The desired product that will be acquired with this contract must be able to support a public health medical emergency. Thus an obligation of this acquisition is to acquire a FDP that can support the potential use of the antiviral drug product during a declared emergency under an Emergency Use Authorization (EUA). Other requirements: (1) for achieving approval, have demonstrated efficacy in a variola challenge in the appropriate animal models (see FDA Draft Guidance for Industry, “Smallpox (Variola) Infection: Developing Drugs for Treatment and Prevention”); (2) delivery of 1,700,000 treatment courses of FDP of smallpox antiviral drug to the SNS; (3) Be in unit-of-use dosing or other approved packaging that requires no more than three doses per day for up to 21 days; (4) have a minimum expiry period of 36 months of stability and a target of 32 months remaining when delivered to the SNS; (5) have approval for symptomatic adults (18-64 years of age); (6) for achieving additional approved label and extended expiry dating, the USG reserves an option for the following concept plans to (a) support approval of an IV formulation for severely ill in; (b) to support liquid formulation for pediatric and geriatric populations; and (c) to manufacture and control antiviral drug production on a large scale to deliver up to an additional 12 million course. It is imperative that the Offeror(s) to this RFP seek guidance from the FDA prior to submission of their proposals so the proposal may be aligned with current FDA policy, practices and guidance.

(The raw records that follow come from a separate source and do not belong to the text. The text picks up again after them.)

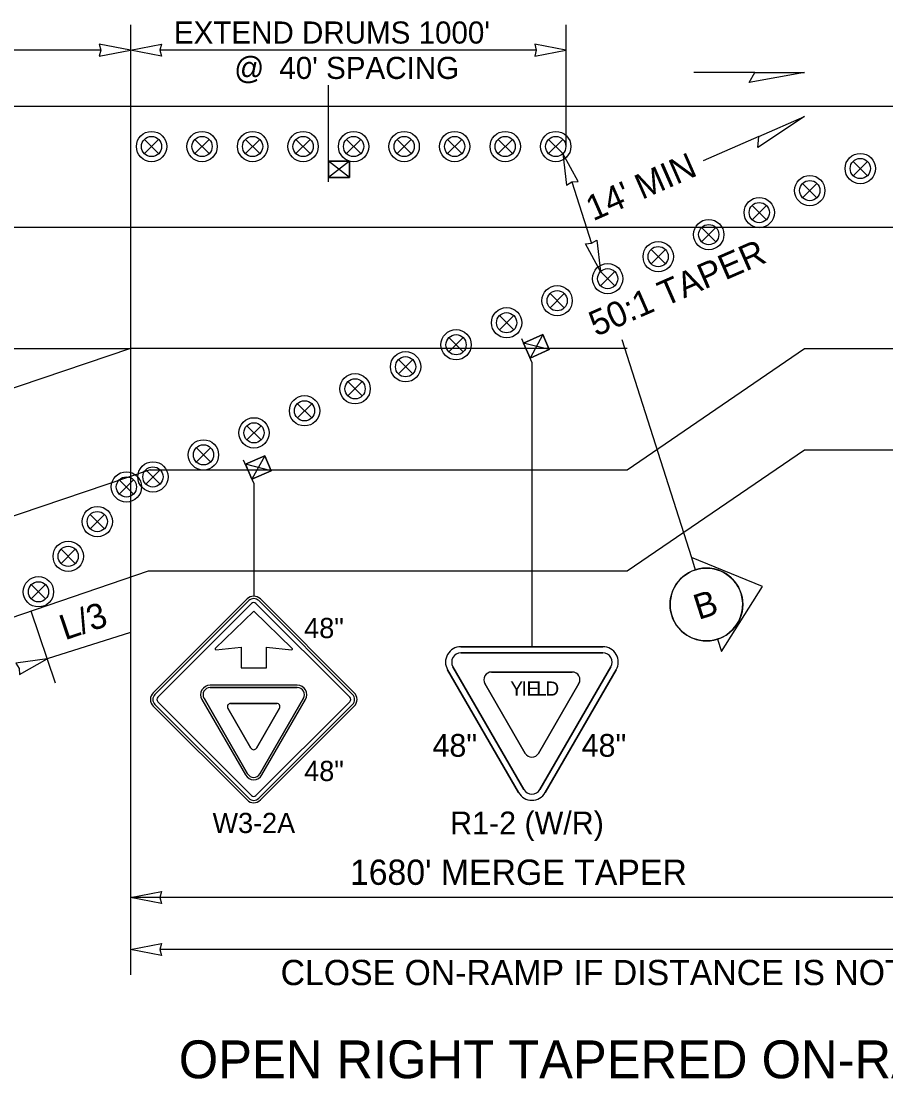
# Model space of a CAD drawing. Extents: x 99999 to 100116, y 99995 to 100013.
# Drawn here: x 100070.257 to 100072.995, y 100004.799 to 100008.148 of the extents above; entities that cross this region are included whole.
import ezdxf

# ---------------------------------------------------------------- set-up
doc = ezdxf.new("R2010")
doc.units = 0
for name, color, linetype in [('RD_MK_LineEdgeYellow', 7, 'Continuous'), ('RD_MK_LineLane', 7, 'Continuous'), ('SH_DE_DetailHeading2Text', 7, 'Continuous'), ('SH_GI_SectionCut', 7, 'Continuous'), ('TR_SN_ConstructionSigns', 7, 'Continuous'), ('TR_WZ_PortableSignMount5ftMinBlk-Org', 7, 'Continuous'), ('TR_WZ_PortableSignMount5ftMinRed-Wht', 7, 'Continuous'), ('TR_WZ_TrafficSafetyDrum', 7, 'Continuous'), ('TR_WZ_WorkZoneDetails', 7, 'Continuous'), ('TR_WZ_WorkZoneTextCurrent', 7, 'Continuous')]:
    doc.layers.add(name, color=color, linetype=linetype)

msp = doc.modelspace()

# ---------------------------------------------------------------- linework, layer by layer
at = {"layer": 'RD_MK_LineEdgeYellow'}
for p, q in [((100068.195, 100007.8789), (100075.43, 100007.8789)), ((100072.1758, 100006.7269), (100072.7368, 100007.1109)), ((100072.7368, 100007.1109), (100075.43, 100007.1109)), ((100070.6655, 100006.7269), (100068.195, 100005.8927)), ((100070.6655, 100006.7269), (100072.1758, 100006.7269))]:
    msp.add_line(p, q, dxfattribs=at)
at = {"layer": 'RD_MK_LineLane'}
for points in [[(100075.43, 100007.4949), (100068.195, 100007.4949)], [(100072.1758, 100007.1109), (100070.6024, 100007.1109)], [(100072.1758, 100007.1109), (100070.6024, 100007.1109)]]:
    msp.add_lwpolyline(points, dxfattribs=at)
at = {"layer": 'SH_GI_SectionCut'}
for p, q in [((100072.1583, 100007.1399), (100072.3791, 100006.4491)), ((100072.3791, 100006.4491), (100072.3915, 100006.4103)), ((100072.6038, 100006.3572), (100072.3791, 100006.4491)), ((100072.474, 100006.1521), (100072.6038, 100006.3572)), ((100072.4616, 100006.1909), (100072.474, 100006.1521))]:
    msp.add_line(p, q, dxfattribs=at)
msp.add_circle((100072.4266, 100006.3006), 0.1152, dxfattribs=at)
for start, end in [(17.7228, 287.7205), (287.7205, 107.725), (287.7205, 17.7228)]:
    msp.add_arc((100072.4266, 100006.3006), 0.1152, start, end, dxfattribs=at)
at = {"layer": 'TR_SN_ConstructionSigns'}
for p, q in [((100070.9719, 100006.3181), (100070.6749, 100006.0211)), ((100071.3113, 100006.0211), (100071.0143, 100006.3181)), ((100070.9772, 100006.3128), (100070.6802, 100006.0158)), ((100070.689, 100006.007), (100070.986, 100006.304)), ((100071.0002, 100006.304), (100071.2971, 100006.007)), ((100071.306, 100006.0158), (100071.009, 100006.3128)), ((100070.9931, 100006.2799), (100070.8713, 100006.1617)), ((100071.1148, 100006.1617), (100070.9931, 100006.2799)), ((100070.8733, 100006.1574), (100070.9531, 100006.1658)), ((100070.9531, 100006.1658), (100070.9531, 100006.0999)), ((100071.0331, 100006.0999), (100071.0331, 100006.1658)), ((100071.0331, 100006.1658), (100071.1128, 100006.1574)), ((100072.0987, 100006.1669), (100071.6491, 100006.1669)), ((100071.6491, 100006.1475), (100071.6491, 100006.1476)), ((100071.6491, 100006.1476), (100071.8739, 100006.1476)), ((100071.8739, 100006.1476), (100071.6491, 100006.1476)), ((100071.6491, 100006.1476), (100071.6491, 100006.1475)), ((100070.9531, 100006.0999), (100071.0331, 100006.0999)), ((100071.8317, 100005.7052), (100071.6069, 100006.0939)), ((100071.6069, 100006.0939), (100071.8317, 100005.7052)), ((100071.8486, 100005.715), (100071.6238, 100006.1036)), ((100071.6238, 100006.1036), (100071.8486, 100005.715)), ((100071.8739, 100006.0867), (100071.7461, 100006.0867)), ((100071.7461, 100006.0867), (100071.8739, 100006.0867)), ((100072.0017, 100006.0867), (100071.8739, 100006.0867)), ((100071.8739, 100006.0867), (100072.0017, 100006.0867)), ((100072.124, 100006.1036), (100071.8992, 100005.715)), ((100071.8992, 100005.715), (100072.124, 100006.1036)), ((100072.1408, 100006.0939), (100071.916, 100005.7052)), ((100071.916, 100005.7052), (100072.1408, 100006.0939)), ((100071.725, 100006.0502), (100071.8528, 100005.8293)), ((100071.8528, 100005.8293), (100071.725, 100006.0502)), ((100071.895, 100005.8293), (100072.0228, 100006.0502)), ((100072.0228, 100006.0502), (100071.895, 100005.8293)), ((100071.1311, 100006.0449), (100070.855, 100006.0449)), ((100070.855, 100006.0374), (100071.1311, 100006.0374)), ((100071.1311, 100006.0374), (100070.855, 100006.0374)), ((100070.6802, 100005.984), (100070.9772, 100005.687)), ((100070.986, 100005.6959), (100070.689, 100005.9929)), ((100070.8291, 100005.9999), (100070.9671, 100005.7608)), ((100070.9736, 100005.7646), (100070.8356, 100006.0037)), ((100070.8356, 100006.0037), (100070.9736, 100005.7646)), ((100071.0662, 100005.9874), (100070.92, 100005.9874)), ((100070.92, 100005.9874), (100071.0662, 100005.9874)), ((100071.2971, 100005.9929), (100071.0002, 100005.6959)), ((100071.009, 100005.687), (100071.306, 100005.984)), ((100071.1506, 100006.0037), (100071.0126, 100005.7646)), ((100071.0126, 100005.7646), (100071.1506, 100006.0037)), ((100071.0191, 100005.7608), (100071.1571, 100005.9999)), ((100070.6749, 100005.9787), (100070.9719, 100005.6817)), ((100070.9113, 100005.9724), (100070.9844, 100005.8458)), ((100070.9844, 100005.8458), (100070.9113, 100005.9724)), ((100071.0017, 100005.8458), (100071.0748, 100005.9724)), ((100071.0748, 100005.9724), (100071.0017, 100005.8458)), ((100071.0143, 100005.6817), (100071.3113, 100005.9787))]:
    msp.add_line(p, q, dxfattribs=at)
for points in [[(100071.6491, 100006.1669), (100072.0987, 100006.1669)], [(100071.8739, 100006.1476), (100072.0987, 100006.1476), (100072.0987, 100006.1475)], [(100072.0987, 100006.1475), (100072.0987, 100006.1476), (100071.8739, 100006.1476)]]:
    msp.add_lwpolyline(points, dxfattribs=at)
for centre, radius, start, end in [((100070.9931, 100006.2969), 0.03, 45, 135), ((100070.9931, 100006.2969), 0.0225, 45, 135), ((100070.9931, 100006.2969), 0.01, 45, 135), ((100070.8731, 100006.1599), 0.0025, 134.1559, 275.9533), ((100071.1131, 100006.1599), 0.0025, 264.0467, 45.8441), ((100071.6491, 100006.1182), 0.0487, 90, 210.0517), ((100071.6491, 100006.1182), 0.0487, 90, 210.0517), ((100072.0987, 100006.1182), 0.0487, 329.9522, 90), ((100072.0987, 100006.1182), 0.0487, 329.9522, 90), ((100071.6491, 100006.1182), 0.0292, 90, 210.0517), ((100071.6491, 100006.1182), 0.0292, 90, 210.0517), ((100072.0987, 100006.1182), 0.0292, 329.9522, 90), ((100072.0987, 100006.1182), 0.0292, 329.9522, 90), ((100071.7461, 100006.0624), 0.0244, 90, 210.0513), ((100071.7461, 100006.0624), 0.0244, 90, 210.0513), ((100072.0017, 100006.0624), 0.0244, 329.9514, 90), ((100072.0017, 100006.0624), 0.0244, 329.9514, 90), ((100070.6961, 100005.9999), 0.03, 135, 225), ((100070.6961, 100005.9999), 0.0225, 135, 225), ((100070.855, 100006.0149), 0.03, 90, 210), ((100070.855, 100006.0149), 0.0225, 90, 210), ((100070.855, 100006.0149), 0.0225, 90, 210), ((100071.1311, 100006.0149), 0.03, 330, 90), ((100071.1311, 100006.0149), 0.0225, 330, 90), ((100071.1311, 100006.0149), 0.0225, 330, 90), ((100071.2901, 100005.9999), 0.0225, 315, 45), ((100071.2901, 100005.9999), 0.03, 315, 45), ((100070.6961, 100005.9999), 0.01, 135, 225), ((100070.92, 100005.9774), 0.01, 90, 210), ((100070.92, 100005.9774), 0.01, 90, 210), ((100071.0662, 100005.9774), 0.01, 330, 90), ((100071.0662, 100005.9774), 0.01, 330, 90), ((100071.2901, 100005.9999), 0.01, 315, 45), ((100070.9931, 100005.8508), 0.01, 210, 330), ((100070.9931, 100005.8508), 0.01, 210, 330), ((100071.8739, 100005.8415), 0.0244, 210.0519, 329.9525), ((100071.8739, 100005.8415), 0.0244, 210.0519, 329.9525), ((100070.9931, 100005.7758), 0.03, 210, 330), ((100070.9931, 100005.7758), 0.0225, 210, 330), ((100070.9931, 100005.7758), 0.0225, 210, 330), ((100071.8739, 100005.7296), 0.0292, 210.0518, 329.9516), ((100071.8739, 100005.7296), 0.0292, 210.0518, 329.9516), ((100070.9931, 100005.7029), 0.03, 225, 315), ((100070.9931, 100005.7029), 0.0225, 225, 315), ((100070.9931, 100005.7029), 0.01, 225, 315), ((100071.8739, 100005.7296), 0.0487, 210.0518, 329.9516), ((100071.8739, 100005.7296), 0.0487, 210.0518, 329.9516)]:
    msp.add_arc(centre, radius, start, end, dxfattribs=at)
at = {"layer": 'TR_WZ_PortableSignMount5ftMinBlk-Org'}
for p, q in [((100071.2294, 100007.6389), (100071.2294, 100007.7189)), ((100071.2961, 100007.7049), (100071.2294, 100007.6529)), ((100071.2961, 100007.6529), (100071.2294, 100007.7049)), ((100071.2627, 100007.6789), (100071.2627, 100007.6789)), ((100071.2628, 100007.679), (100071.2628, 100007.679)), ((100070.9931, 100006.6844), (100070.9611, 100006.7577)), ((100071.0279, 100006.7715), (100070.9875, 100006.6972)), ((100071.0486, 100006.7239), (100070.9667, 100006.7449)), ((100071.0077, 100006.7344), (100071.0077, 100006.7344)), ((100071.0078, 100006.7345), (100071.0078, 100006.7345))]:
    msp.add_line(p, q, dxfattribs=at)
for points in [[(100071.2961, 100007.7049), (100071.2961, 100007.6529), (100071.2294, 100007.6529), (100071.2294, 100007.7049)], [(100071.2294, 100007.6529), (100071.2961, 100007.6529), (100071.2961, 100007.7049), (100071.2294, 100007.7049)], [(100071.0279, 100006.7715), (100071.0486, 100006.7239), (100070.9875, 100006.6972), (100070.9667, 100006.7449)], [(100070.9875, 100006.6972), (100071.0486, 100006.7239), (100071.0279, 100006.7715), (100070.9667, 100006.7449)]]:
    msp.add_lwpolyline(points, close=True, dxfattribs=at)
at = {"layer": 'TR_WZ_PortableSignMount5ftMinRed-Wht'}
for p, q in [((100071.9083, 100007.1554), (100071.868, 100007.0811)), ((100071.8736, 100007.0683), (100071.8416, 100007.1416)), ((100071.9291, 100007.1078), (100071.8472, 100007.1287)), ((100071.8881, 100007.1183), (100071.8881, 100007.1183)), ((100071.8882, 100007.1184), (100071.8882, 100007.1184))]:
    msp.add_line(p, q, dxfattribs=at)
for points in [[(100071.9083, 100007.1554), (100071.9291, 100007.1078), (100071.868, 100007.0811), (100071.8472, 100007.1287)], [(100071.868, 100007.0811), (100071.9291, 100007.1078), (100071.9083, 100007.1554), (100071.8472, 100007.1287)]]:
    msp.add_lwpolyline(points, close=True, dxfattribs=at)
at = {"layer": 'TR_WZ_TrafficSafetyDrum'}
for p, q in [((100070.6468, 100007.7735), (100070.692, 100007.7283)), ((100070.692, 100007.7735), (100070.6468, 100007.7283)), ((100070.8068, 100007.7735), (100070.852, 100007.7283)), ((100070.852, 100007.7735), (100070.8068, 100007.7283)), ((100070.9668, 100007.7735), (100071.012, 100007.7283)), ((100071.012, 100007.7735), (100070.9668, 100007.7283)), ((100071.1268, 100007.7735), (100071.172, 100007.7283)), ((100071.172, 100007.7735), (100071.1268, 100007.7283)), ((100071.2868, 100007.7735), (100071.332, 100007.7283)), ((100071.332, 100007.7735), (100071.2868, 100007.7283)), ((100071.4468, 100007.7735), (100071.492, 100007.7283)), ((100071.492, 100007.7735), (100071.4468, 100007.7283)), ((100071.6068, 100007.7735), (100071.652, 100007.7283)), ((100071.652, 100007.7735), (100071.6068, 100007.7283)), ((100071.7668, 100007.7735), (100071.812, 100007.7283)), ((100071.812, 100007.7735), (100071.7668, 100007.7283)), ((100071.9268, 100007.7735), (100071.972, 100007.7283)), ((100071.972, 100007.7735), (100071.9268, 100007.7283)), ((100072.8913, 100007.7038), (100072.9366, 100007.6585)), ((100072.9366, 100007.7038), (100072.8913, 100007.6585)), ((100072.7313, 100007.634), (100072.7766, 100007.5888)), ((100072.7766, 100007.634), (100072.7313, 100007.5888)), ((100072.5713, 100007.5643), (100072.6166, 100007.519)), ((100072.6166, 100007.5643), (100072.5713, 100007.519)), ((100072.4113, 100007.4946), (100072.4566, 100007.4493)), ((100072.4566, 100007.4946), (100072.4113, 100007.4493)), ((100072.2513, 100007.4248), (100072.2966, 100007.3796)), ((100072.2966, 100007.4248), (100072.2513, 100007.3796)), ((100072.0913, 100007.3551), (100072.1366, 100007.3098)), ((100072.1366, 100007.3551), (100072.0913, 100007.3098)), ((100071.9313, 100007.2853), (100071.9766, 100007.2401)), ((100071.9766, 100007.2853), (100071.9313, 100007.2401)), ((100071.7713, 100007.2156), (100071.8166, 100007.1703)), ((100071.8166, 100007.2156), (100071.7713, 100007.1703)), ((100071.6113, 100007.1458), (100071.6566, 100007.1006)), ((100071.6566, 100007.1458), (100071.6113, 100007.1006)), ((100071.4513, 100007.0761), (100071.4966, 100007.0308)), ((100071.4966, 100007.0761), (100071.4513, 100007.0308)), ((100071.2913, 100007.0063), (100071.3366, 100006.9611)), ((100071.3366, 100007.0063), (100071.2913, 100006.9611)), ((100071.1313, 100006.9366), (100071.1766, 100006.8913)), ((100071.1766, 100006.9366), (100071.1313, 100006.8913)), ((100070.9713, 100006.8669), (100071.0166, 100006.8216)), ((100071.0166, 100006.8669), (100070.9713, 100006.8216)), ((100070.8113, 100006.7971), (100070.8566, 100006.7519)), ((100070.8566, 100006.7971), (100070.8113, 100006.7519)), ((100070.6513, 100006.7274), (100070.6966, 100006.6821)), ((100070.6966, 100006.7274), (100070.6513, 100006.6821)), ((100070.5673, 100006.6956), (100070.6125, 100006.6503)), ((100070.6125, 100006.6956), (100070.5673, 100006.6503)), ((100070.4751, 100006.5857), (100070.5203, 100006.5404)), ((100070.5203, 100006.5857), (100070.4751, 100006.5404)), ((100070.3829, 100006.4758), (100070.4281, 100006.4306)), ((100070.4281, 100006.4758), (100070.3829, 100006.4306)), ((100070.2886, 100006.3636), (100070.3339, 100006.3183)), ((100070.3339, 100006.3636), (100070.2886, 100006.3183))]:
    msp.add_line(p, q, dxfattribs=at)
for centre, radius in [((100070.6694, 100007.7509), 0.048), ((100070.6694, 100007.7509), 0.048), ((100070.8294, 100007.7509), 0.048), ((100070.8294, 100007.7509), 0.048), ((100070.9894, 100007.7509), 0.048), ((100070.9894, 100007.7509), 0.048), ((100071.1494, 100007.7509), 0.048), ((100071.1494, 100007.7509), 0.048), ((100071.3094, 100007.7509), 0.048), ((100071.3094, 100007.7509), 0.048), ((100071.4694, 100007.7509), 0.048), ((100071.4694, 100007.7509), 0.048), ((100071.6294, 100007.7509), 0.048), ((100071.6294, 100007.7509), 0.048), ((100071.7894, 100007.7509), 0.048), ((100071.7894, 100007.7509), 0.048), ((100071.9494, 100007.7509), 0.048), ((100071.9494, 100007.7509), 0.048), ((100070.6694, 100007.7509), 0.032), ((100070.8294, 100007.7509), 0.032), ((100070.9894, 100007.7509), 0.032), ((100071.1494, 100007.7509), 0.032), ((100071.3094, 100007.7509), 0.032), ((100071.4694, 100007.7509), 0.032), ((100071.6294, 100007.7509), 0.032), ((100071.7894, 100007.7509), 0.032), ((100071.9494, 100007.7509), 0.032), ((100072.9139, 100007.6812), 0.048), ((100072.9139, 100007.6812), 0.048), ((100072.9139, 100007.6812), 0.032), ((100072.7539, 100007.6114), 0.048), ((100072.7539, 100007.6114), 0.048), ((100072.7539, 100007.6114), 0.032), ((100072.5939, 100007.5417), 0.048), ((100072.5939, 100007.5417), 0.048), ((100072.5939, 100007.5417), 0.032), ((100072.4339, 100007.4719), 0.048), ((100072.4339, 100007.4719), 0.048), ((100072.4339, 100007.4719), 0.032), ((100072.2739, 100007.4022), 0.048), ((100072.2739, 100007.4022), 0.048), ((100072.2739, 100007.4022), 0.032), ((100072.1139, 100007.3324), 0.048), ((100072.1139, 100007.3324), 0.048), ((100072.1139, 100007.3324), 0.032), ((100071.9539, 100007.2627), 0.048), ((100071.9539, 100007.2627), 0.048), ((100071.9539, 100007.2627), 0.032), ((100071.7939, 100007.1929), 0.048), ((100071.7939, 100007.1929), 0.048), ((100071.7939, 100007.1929), 0.032), ((100071.6339, 100007.1232), 0.048), ((100071.6339, 100007.1232), 0.048), ((100071.6339, 100007.1232), 0.032), ((100071.4739, 100007.0535), 0.048), ((100071.4739, 100007.0535), 0.048), ((100071.4739, 100007.0535), 0.032), ((100071.3139, 100006.9837), 0.048), ((100071.3139, 100006.9837), 0.048), ((100071.3139, 100006.9837), 0.032), ((100071.1539, 100006.914), 0.048), ((100071.1539, 100006.914), 0.048), ((100071.1539, 100006.914), 0.032), ((100070.9939, 100006.8442), 0.048), ((100070.9939, 100006.8442), 0.048), ((100070.9939, 100006.8442), 0.032), ((100070.8339, 100006.7745), 0.048), ((100070.8339, 100006.7745), 0.048), ((100070.8339, 100006.7745), 0.032), ((100070.6739, 100006.7047), 0.048), ((100070.6739, 100006.7047), 0.048), ((100070.5899, 100006.6729), 0.048), ((100070.5899, 100006.6729), 0.048), ((100070.6739, 100006.7047), 0.032), ((100070.5899, 100006.6729), 0.032), ((100070.4977, 100006.5631), 0.048), ((100070.4977, 100006.5631), 0.048), ((100070.4977, 100006.5631), 0.032), ((100070.4055, 100006.4532), 0.048), ((100070.4055, 100006.4532), 0.048), ((100070.4055, 100006.4532), 0.032), ((100070.3113, 100006.3409), 0.048), ((100070.3113, 100006.3409), 0.048), ((100070.3113, 100006.3409), 0.032)]:
    msp.add_circle(centre, radius, dxfattribs=at)
at = {"layer": 'TR_WZ_WorkZoneDetails'}
for p, q in [((100070.6024, 100008.1359), (100070.6024, 100005.1282)), ((100071.9814, 100008.1359), (100071.9814, 100007.7509)), ((100070.5087, 100008.0559), (100068.2887, 100008.0559)), ((100071.8877, 100008.0559), (100070.6962, 100008.0559)), ((100072.5796, 100007.985), (100072.3867, 100007.985)), ((100071.2294, 100007.7136), (100071.2294, 100007.9449)), ((100072.5929, 100007.783), (100072.4163, 100007.7054)), ((100072.0006, 100007.639), (100072.0628, 100007.4443)), ((100069.2533, 100007.1109), (100070.6024, 100007.1109)), ((100070.6024, 100007.1109), (100069.2943, 100006.6692)), ((100071.8736, 100007.0683), (100071.8739, 100006.1669)), ((100072.1758, 100006.4069), (100072.7368, 100006.7909)), ((100072.7368, 100006.7909), (100075.43, 100006.7909)), ((100070.9931, 100006.6844), (100070.9931, 100006.3269)), ((100068.195, 100005.5689), (100070.6601, 100006.4069)), ((100070.6601, 100006.4069), (100072.1758, 100006.4069)), ((100070.6601, 100006.4069), (100072.1758, 100006.4069)), ((100070.2871, 100006.2801), (100070.3643, 100006.0529)), ((100070.6024, 100006.2119), (100070.3386, 100006.1286)), ((100073.1135, 100005.3729), (100070.6024, 100005.3729)), ((100074.3691, 100005.2082), (100070.6962, 100005.2082))]:
    msp.add_line(p, q, dxfattribs=at)
for points in [[(100070.6024, 100008.0559), (100070.5041, 100008.0751), (100070.5087, 100008.0559), (100070.5041, 100008.0366)], [(100070.6024, 100008.0559), (100070.7007, 100008.0751), (100070.6962, 100008.0559), (100070.7007, 100008.0366)], [(100071.9814, 100008.0559), (100071.8831, 100008.0751), (100071.8877, 100008.0559), (100071.8831, 100008.0366)], [(100072.7368, 100007.985), (100072.5618, 100007.9541), (100072.5796, 100007.985)], [(100072.7368, 100007.8463), (100072.589, 100007.7476), (100072.5929, 100007.783)], [(100071.972, 100007.7283), (100071.9836, 100007.6288), (100072.0006, 100007.639), (100072.0203, 100007.6405)], [(100072.0913, 100007.3551), (100072.0433, 100007.443), (100072.063, 100007.4444), (100072.08, 100007.4546)], [(100070.3386, 100006.1286), (100070.2393, 100006.1152), (100070.2498, 100006.0985), (100070.2517, 100006.0787)], [(100070.6024, 100005.3729), (100070.7007, 100005.3922), (100070.6962, 100005.3729), (100070.7007, 100005.3537)], [(100070.6024, 100005.2082), (100070.7007, 100005.2275), (100070.6962, 100005.2082), (100070.7007, 100005.1889)]]:
    msp.add_lwpolyline(points, close=True, dxfattribs=at)

# ---------------------------------------------------------------- texts
at = {"layer": 'SH_DE_DetailHeading2Text'}
msp.add_text('OPEN RIGHT TAPERED ON-RAMP DETAIL', height=0.12, rotation=360, dxfattribs=at).set_placement((100070.7557, 100004.8003))
at = {"layer": 'SH_GI_SectionCut'}
msp.add_text('B', height=0.08, rotation=17.7128, dxfattribs=at).set_placement((100072.4017, 100006.2514))
at = {"layer": 'TR_SN_ConstructionSigns'}
for s, height, p in [('48"', 0.064, (100071.1529, 100006.1942)), ('48"', 0.072, (100072.0316, 100005.8185)), ('48"', 0.064, (100071.1529, 100005.7416)), ('R1-2 (W/R)', 0.072, (100071.6151, 100005.5729)), ('W3-2A', 0.064, (100070.8627, 100005.5769))]:
    msp.add_text(s, height=height, rotation=360, dxfattribs=at).set_placement(p)
for s, height, p in [('Y', 0.045, (100071.8057, 100006.0119)), ('I', 0.045, (100071.8408, 100006.0119)), ('E', 0.045, (100071.857, 100006.0119)), ('L', 0.045, (100071.8876, 100006.0119)), ('D', 0.045, (100071.9168, 100006.0119)), ('48"', 0.072, (100071.5592, 100005.8185))]:
    msp.add_text(s, height=height, dxfattribs=at).set_placement(p)
at = {"layer": 'TR_WZ_WorkZoneTextCurrent'}
for s, height, p in [("EXTEND DRUMS 1000'", 0.07, (100070.7402, 100008.0769)), ('@', 0.07, (100070.9313, 100007.9649)), ("40' SPACING", 0.07, (100071.0741, 100007.9649)), ("1680' MERGE TAPER", 0.08, (100071.2977, 100005.4129)), ('CLOSE ON-RAMP IF DISTANCE IS NOT AVAILABLE', 0.08, (100071.0782, 100005.0953))]:
    msp.add_text(s, height=height, dxfattribs=at).set_placement(p)
for s, rotation, p in [("14' MIN", 23.7238, (100072.0678, 100007.5138)), ('50:1 TAPER', 23.5731, (100072.0771, 100007.1481)), ('L/3', 18.775, (100070.3951, 100006.1869))]:
    msp.add_text(s, height=0.08, rotation=rotation, dxfattribs=at).set_placement(p)

doc.saveas('drawing.dxf')

Additional details and requirements will be described in the Smallpox Antiviral solicitation, RFP-BARDA-09-35 which will be made available electronically through FEDBIZOPPS on or about February 24, 2009. Any responsible Offeror may submit a proposal to be considered by the USG. This notice does not commit the USG to the award of a contract. Only written or email requests will be accepted directly from the requestor for this solicitation. No collect calls will be accepted. No facsimile transmissions will be accepted. All responses should be identified with the respective solicitation number RFP-BARDA-09-35, name of company, name of requestor, mailing address, telephone number, fax number, and email address of Point of Contact (POC), should be submitted to the Contracting Office address identified in this notice. The contract award resulting from this solicitation will have an estimated award date of September 2009.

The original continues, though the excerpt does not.